- Title screen
- Written by: Wasi Shah
- Directed by: Shaquielle Khan
- Starring: Syed Jibran Tooba Siddiqui Faryal Mehmood
- Theme music composer: Sahir Ali Bagga
- Opening theme: Nibhalete Wafa Nibhalete Singer(s) Sahir Ali Bagga Lyrics by Sahir Ali Bagga
- Country of origin: Pakistan
- Original language: Urdu
- No. of episodes: 27

Production
- Producers: Abdullah Kadwani Asad Qureshi
- Camera setup: Multi-camera setup
- Production company: 7th Sky Entertainment

Original release
- Network: Geo Entertainment
- Release: 16 July 2018 – 7 January 2019

Related
- Khaani;

= Tum Se Hi Talluq Hai =

Tum Se Hi Talluq Hai is a Pakistani Urdu-language romantic drama series, produced by Asad Qureshi and Abdullah Kadwani under their banner 7th Sky Entertainment. The drama aired on Geo Entertainment every Monday, replacing the drama serial Khaani. It stars Syed Jibran, Tooba Siddiqui and Faryal Mehmood in lead roles.

==Synopsis==
Our story revolves around the lives of Sadan, Alina and Rama. Sadan is married to his maternal side cousin Alina and has two daughters but he never liked her. Despite all her efforts and attention Sadan could never accept Alina as a life partner. Kulsoom, Sadan's mother is aware of her son's behavior with Alina and also knows about his intention of leaving Alina. To bind her son in marriage Kulsoom transfers all her property in Alina's name and makes it part of her will, after few months Kulsoom departs from this world.
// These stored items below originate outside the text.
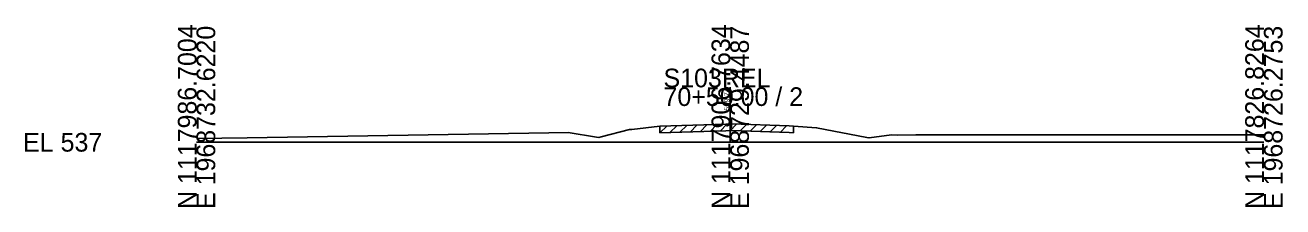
# Model space of a CAD drawing. Extents: x -26 to 163, y -10 to 24518.
# Drawn here: x -25.7 to 162.8, y 18990.3 to 19017.6 of the extents above; entities that cross this region are included whole.
import ezdxf

# ---------------------------------------------------------------- set-up
doc = ezdxf.new("R2010")
doc.units = 0
for name, color, linetype in [('RD_GPK_XS_Cell', 7, 'Continuous'), ('RD_XS_ExGround', 7, 'Continuous'), ('RD_XS_ExPaveRet', 7, 'Continuous'), ('RD_XS_TX_Elev_EX', 7, 'Continuous')]:
    doc.layers.add(name, color=color, linetype=linetype)

msp = doc.modelspace()

# ---------------------------------------------------------------- linework, layer by layer
at = {"layer": 'RD_GPK_XS_Cell'}
for p, q in [((80, 19000), (80, 19008.25)), ((0, 19000), (80, 19000)), ((80, 19000), (160, 19000))]:
    msp.add_line(p, q, dxfattribs=at)
at = {"layer": 'RD_XS_ExGround'}
msp.add_lwpolyline([(0, 19000.58), (7.58, 19000.65), (52.81, 19001.42), (55.72, 19001.46), (59.94, 19000.78), (60.31, 19000.72), (60.64, 19000.81), (64.88, 19001.9), (65.26, 19001.94), (69.47, 19002.4), (79.32, 19002.72), (80.17, 19002.75), (88.83, 19002.45), (89.47, 19002.42), (92.95, 19002.18), (100.46, 19000.73), (100.81, 19000.66), (104.19, 19001.13), (105.12, 19001.09), (107.83, 19001.12), (160, 19001.1)], dxfattribs=at)
at = {"layer": 'RD_XS_ExPaveRet'}
for p, q in [((69.47, 19001.4), (70.5, 19002.43)), ((69.47, 19001.4), (69.47, 19002.4)), ((70.97, 19001.45), (72, 19002.48)), ((72.47, 19001.5), (73.5, 19002.53)), ((73.97, 19001.54), (75, 19002.58)), ((75.47, 19001.59), (76.5, 19002.63)), ((76.97, 19001.64), (78, 19002.68)), ((78.47, 19001.69), (79.5, 19002.73)), ((79.97, 19001.74), (80.95, 19002.72)), ((81.47, 19001.7), (82.44, 19002.67)), ((82.97, 19001.65), (83.94, 19002.62)), ((84.47, 19001.6), (85.44, 19002.57)), ((85.97, 19001.55), (86.94, 19002.51)), ((87.47, 19001.49), (88.44, 19002.46)), ((89.47, 19002.42), (89.47, 19001.42)), ((69.47, 19001.4), (79.32, 19001.72)), ((79.32, 19001.72), (80.17, 19001.75)), ((80.17, 19001.75), (88.83, 19001.45)), ((88.83, 19001.45), (89.47, 19001.42))]:
    msp.add_line(p, q, dxfattribs=at)

# ---------------------------------------------------------------- texts
at = {"layer": 'RD_GPK_XS_Cell'}
for s, p in [('N 1117986.7004', (0, 18990)), ('E 1968732.6220', (2.8, 18990)), ('N 1117906.7634', (80, 18990)), ('E 1968729.4487', (82.8, 18990)), ('N 1117826.8264', (160, 18990)), ('E 1968726.2753', (162.8, 18990))]:
    msp.add_text(s, height=2.8, rotation=90, dxfattribs=at).set_placement(p)
for s, p in [('S103REL', (70, 19008.25)), ('70+50.00 / 2', (70, 19005.45)), ('EL 537', (-26, 18998.6))]:
    msp.add_text(s, height=2.8, dxfattribs=at).set_placement(p)
at = {"layer": 'RD_XS_TX_Elev_EX'}
msp.add_text('539.74', height=0.8, rotation=90, dxfattribs=at).set_placement((79.9, 19004.74))

doc.saveas('drawing.dxf')

Meanwhile, Rama, a colleague from Sadan's office is struggling with her stepfather's illness and career. Sadan likes her and soon Rama will take advantage of Sadan's money and his position however Sadan has done everything for her because he is in love with Rama. Sadan is aware that his mother will never approve of Rama because Alina is from her side of the family. Once his mother dies and he learns about Kulsoom's will he throws Alina out of the house, keeps his daughters and brings Rama in his home.

==Cast==

- Syed Jibran as Saadan
- Tooba Siddiqui as Alina
- Faryal Mehmood as Rahma
- Shamim Hilaly as Saadan's mother
- Anum Fayyaz as Naina (dead)
- Ali Abbas as Nakheel
- Shabbir Jan as Tahma's step-father
- Nida Mumtaz as Rahma's mother
- Khushi Maheen as younger Sidra
- Arez Ahmed as Ashir

== Soundtrack ==
The original soundtrack of Tum Se Hi Talluq Hai is composed and sang by Sahir Ali Bagga. The song is available on Patari.